Numerical example for $\gcd(a,b)=\prod p_i^{\min(a_i,b_i)}$

$$\begin{align}a=600&=2^3\cdot 3^1 \cdot 5^2\\ b=54&=2^1\cdot 3^3 \cdot 5^0\\[2ex] \text{GCD}(a,b)&=2^1\cdot 3^1\cdot 5^0=6\\ \text{LCM}(a,b)&=2^3\cdot 3^3\cdot 5^2=5400\\[2ex] \text{GCD}(a,b)\cdot\text{LCM}(a,b)&=2^4\cdot 3^4\cdot 5^2=32400=ab \end{align}$$

Certainly: consider $a=48=2^4\cdot 3$ and $b=40=2^3\cdot 5$. Then we let $p_1=2, p_2=3, p_3=5$ and observe that $a_1=4, a_2=1, a_3=0$ and $b_1=3, b_2=0, b_3=1$. Your corollary then tells us that \begin{align*} \gcd(48,40) &=\gcd(a,b) \\ &= \prod p_i^{\min(a_i,b_i)} \\ &= p_1^{\min(a_1,b_1)}\cdot p_2^{\min(a_2,b_2)}\cdot p_3^{\min(a_3,b_3)} \\ &= 2^{\min(4,3)}\cdot 3^{\min(1,0)}\cdot 5^{\min(0,1)} \\ &= 2^3\cdot 3^0 \cdot 5^0 \\ &= 8, \end{align*}

Using a similar method we determine that

\begin{align*} lcm(48,40) &=lcm(a,b) \\ &= \prod p_i^{\max(a_i,b_i)} \\ &= 2^4\cdot 3^1 \cdot 5^1 \\ &= 240. \end{align*}

We can then observe that $$ab=48\cdot 40=1920=8\cdot 140=\gcd(48,40)\cdot lcm(48,40)=\gcd(a,b)\cdot lcm(a,b).$$

Let me know if anything needs clarifying (and if anyone knows the command that Latex recognises as a math operator for lcm).
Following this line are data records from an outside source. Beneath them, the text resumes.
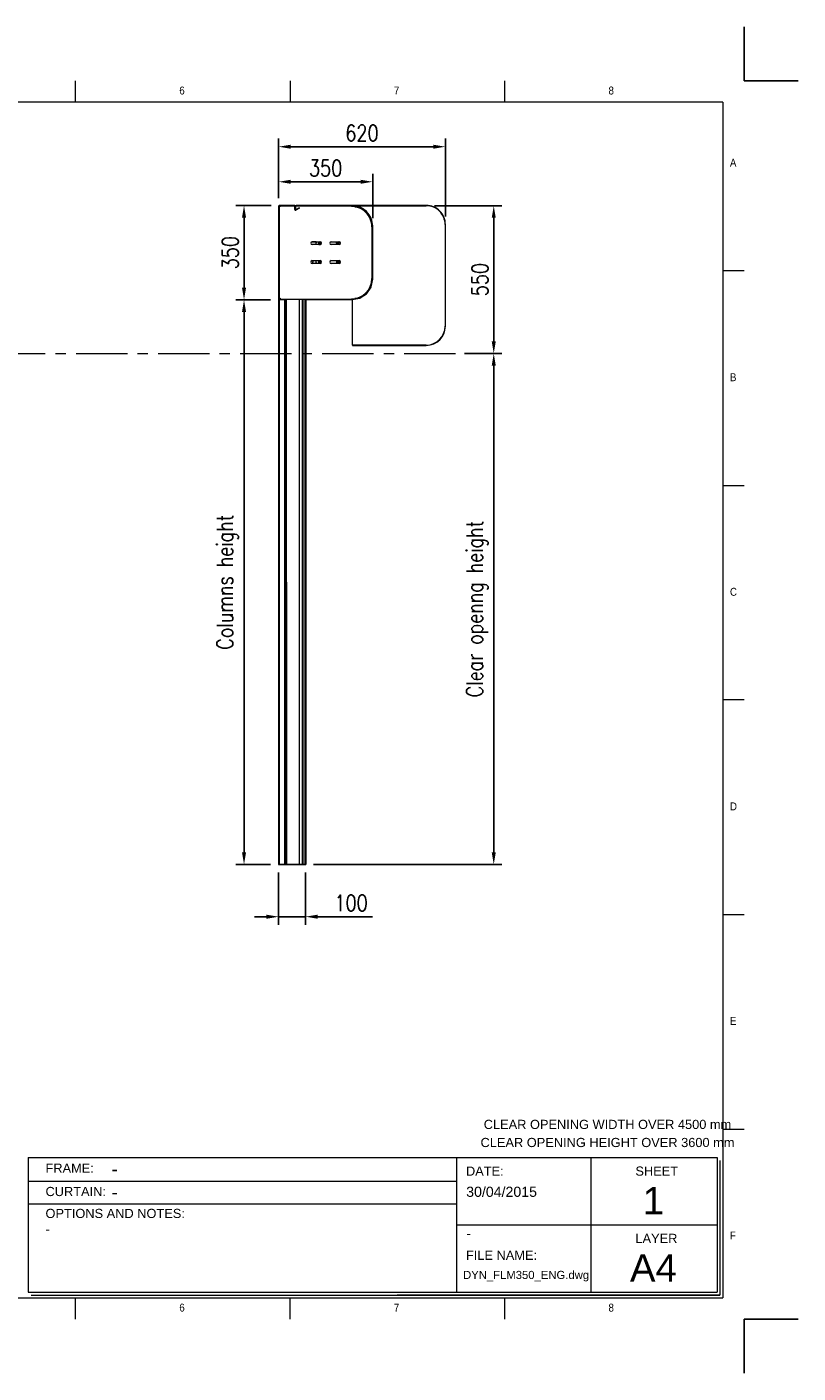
# Model space of a CAD drawing. Header units: millimetres. Extents: x 1545 to 17790, y 764 to 5765.
# Tile 5 of 5: x 5640 to 8504, y 764 to 5765. Entities that reach past the tile are written whole.
import ezdxf

# ---------------------------------------------------------------- set-up
doc = ezdxf.new("R2010")
doc.units = ezdxf.units.MM
doc.header["$LTSCALE"] = 50
doc.header["$PDSIZE"] = -1
doc.linetypes.add('CENTERX2', pattern=[20.32, 12.7, -2.54, 2.54, -2.54])
doc.layers.add('FORMAT', color=7, linetype='Continuous')
doc.styles.add('NYIP', font='romans.shx', dxfattribs={"width": 0.8})
doc.styles.add('SLDTEXTSTYLE0', font='GOTHIC.TTF', dxfattribs={"width": 0.913})
doc.styles.get("Standard").update_dxf_attribs({"font": 'GOTHIC.TTF'})
doc.dimstyles.new('STANDARD35', dxfattribs={"dimscale": 35, "dimtxt": 2, "dimasz": 1.5, "dimexe": 1, "dimexo": 1, "dimgap": 0.7, "dimtad": 1, "dimdec": 0, "dimdsep": 46, "dimtxsty": 'NYIP', "dimcen": 0, "dimclrd": 1, "dimclre": 1, "dimclrt": 2, "dimadec": 0, "dimazin": 0, "dimtfac": 1, "dimtdec": 0, "dimtix": 1, "dimtmove": 0, "dimatfit": 3, "dimfxl": 0, "dimtvp": 1, "dimtolj": 1, "dimtzin": 0, "dimarcsym": 0})

# ---------------------------------------------------------------- blocks, each defined once
blk = doc.blocks.new('A$C7C9C4F3F')
at = {"color": 7, "lineweight": 5}
for p, q in [((8295, 11245), (8295, 11504)), ((0, 1766), (199, 1766))]:
    blk.add_line(p, q, dxfattribs=at)
at = {"layer": 'FORMAT', "color": 7, "lineweight": 5}
for p, q in [((2216, 11304), (2216, 11504)), ((4209, 11504), (4209, 11304)), ((6202, 11304), (6202, 11504)), ((10188, 11304), (10188, 11504)), ((12181, 11504), (12181, 11304)), ((14174, 11304), (14174, 11504)), ((16199, 11304), (199, 11304)), ((199, 11304), (199, 199)), ((16199, 11304), (16199, 199)), ((199, 9738), (0, 9738)), ((16399, 9738), (16199, 9738)), ((0, 7745), (199, 7745)), ((16199, 7745), (16399, 7745)), ((0, 5752), (199, 5752)), ((16399, 5752), (16199, 5752)), ((0, 3759), (199, 3759)), ((16199, 3759), (16399, 3759)), ((16199, 1766), (16399, 1766)), ((8295, 0), (8295, 258)), ((199, 199), (16199, 199)), ((2224, 0), (2224, 199)), ((4018, 199), (4018, 0)), ((6210, 0), (6210, 199)), ((10188, 0), (10188, 199)), ((12181, 0), (12181, 199)), ((14174, 0), (14174, 199))]:
    blk.add_line(p, q, dxfattribs=at)
at = {"color": 7, "lineweight": 5, "char_height": 73.8, "attachment_point": 1, "style": 'SLDTEXTSTYLE0'}
for s, insert in [('1', (1203, 11450)), ('2', (3180, 11450)), ('3', (5173, 11450)), ('4', (7166, 11450)), ('5', (9159, 11450)), ('6', (11152, 11450)), ('7', (13145, 11450)), ('8', (15138, 11450)), ('A', (66, 10780)), ('A', (16266, 10780)), ('B', (66, 8787)), ('B', (16266, 8787)), ('C', (66, 6794)), ('C', (16266, 6794)), ('D', (66, 4801)), ('D', (16266, 4801)), ('E', (66, 2808)), ('1', (1012, 145)), ('2', (2988, 145)), ('3', (4981, 145)), ('4', (6974, 145))]:
    blk.add_mtext(s, dxfattribs=dict(at, insert=insert))
at = {"layer": 'FORMAT', "color": 7, "lineweight": 5, "char_height": 73.8, "attachment_point": 1, "style": 'SLDTEXTSTYLE0'}
for s, insert in [('E', (16266, 2808)), ('F', (66, 815)), ('F', (16266, 815)), ('5', (9159, 145)), ('6', (11152, 145)), ('7', (13145, 145)), ('8', (15138, 145))]:
    blk.add_mtext(s, dxfattribs=dict(at, insert=insert))
blk = doc.blocks.new('*D31')
at = {"color": 1, "lineweight": -2, "transparency": 16777216}
for p, q in [((6574.4, 5128.9), (6574.4, 5349.9)), ((6619.4, 5319.9), (7149.1, 5319.9)), ((7194.1, 5060.4), (7194.1, 5349.9))]:
    blk.add_line(p, q, dxfattribs=at)
at = {"color": 1, "transparency": 16777216}
for points in [[(6619.4, 5327.4), (6619.4, 5312.4), (6574.4, 5319.9)], [(7149.1, 5327.4), (7149.1, 5312.4), (7194.1, 5319.9)]]:
    blk.add_solid(points, dxfattribs=at)
at = {"layer": 'Defpoints', "color": 0, "transparency": 16777216}
for p in [(7194.1, 5319.9), (6574.4, 5098.9), (7194.1, 5030.4)]:
    blk.add_point(p, dxfattribs=at)
at = {"color": 2, "lineweight": 0, "transparency": 16777216, "insert": (6884.2, 5370.9), "char_height": 60, "attachment_point": 5, "style": 'NYIP'}
blk.add_mtext('\\A1;620', dxfattribs=at)
blk = doc.blocks.new('*D32')
at = {"color": 1, "lineweight": -2, "transparency": 16777216}
for p, q in [((6574.4, 5128.9), (6574.4, 5219.7)), ((6924.1, 5054.7), (6924.1, 5219.7)), ((6619.4, 5189.7), (6879.1, 5189.7))]:
    blk.add_line(p, q, dxfattribs=at)
at = {"color": 1, "transparency": 16777216}
for points in [[(6619.4, 5197.2), (6619.4, 5182.2), (6574.4, 5189.7)], [(6879.1, 5197.2), (6879.1, 5182.2), (6924.1, 5189.7)]]:
    blk.add_solid(points, dxfattribs=at)
at = {"layer": 'Defpoints', "color": 0, "transparency": 16777216}
for p in [(6924.1, 5189.7), (6574.4, 5098.9), (6924.1, 5024.7)]:
    blk.add_point(p, dxfattribs=at)
at = {"color": 2, "lineweight": 0, "transparency": 16777216, "insert": (6749.2, 5240.7), "char_height": 60, "attachment_point": 5, "style": 'NYIP'}
blk.add_mtext('\\A1;350', dxfattribs=at)
blk = doc.blocks.new('*D33')
at = {"color": 1, "lineweight": -2, "transparency": 16777216}
for p, q in [((6546.9, 5101.4), (6416.1, 5101.4)), ((6446.1, 5056.4), (6446.1, 4795.9)), ((6544.4, 4750.9), (6416.1, 4750.9))]:
    blk.add_line(p, q, dxfattribs=at)
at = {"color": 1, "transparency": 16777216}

For example, $540 = 2^2\cdot 3^3\cdot 5$ and $72 = 2^3\cdot 3^2$, so their GCD is $2^2\cdot 3^2 = 36$ and their LCM is $2^3\cdot 3^3\cdot 5 = 1080$. The point is that if a number $d$ is to divide both $a$ and $b$, the power to which each prime appears in the factorization of $d$ cannot exceed the mininum power to which it appears in the factorization of both $a$ and $b$. A similar analysis works for the LCM.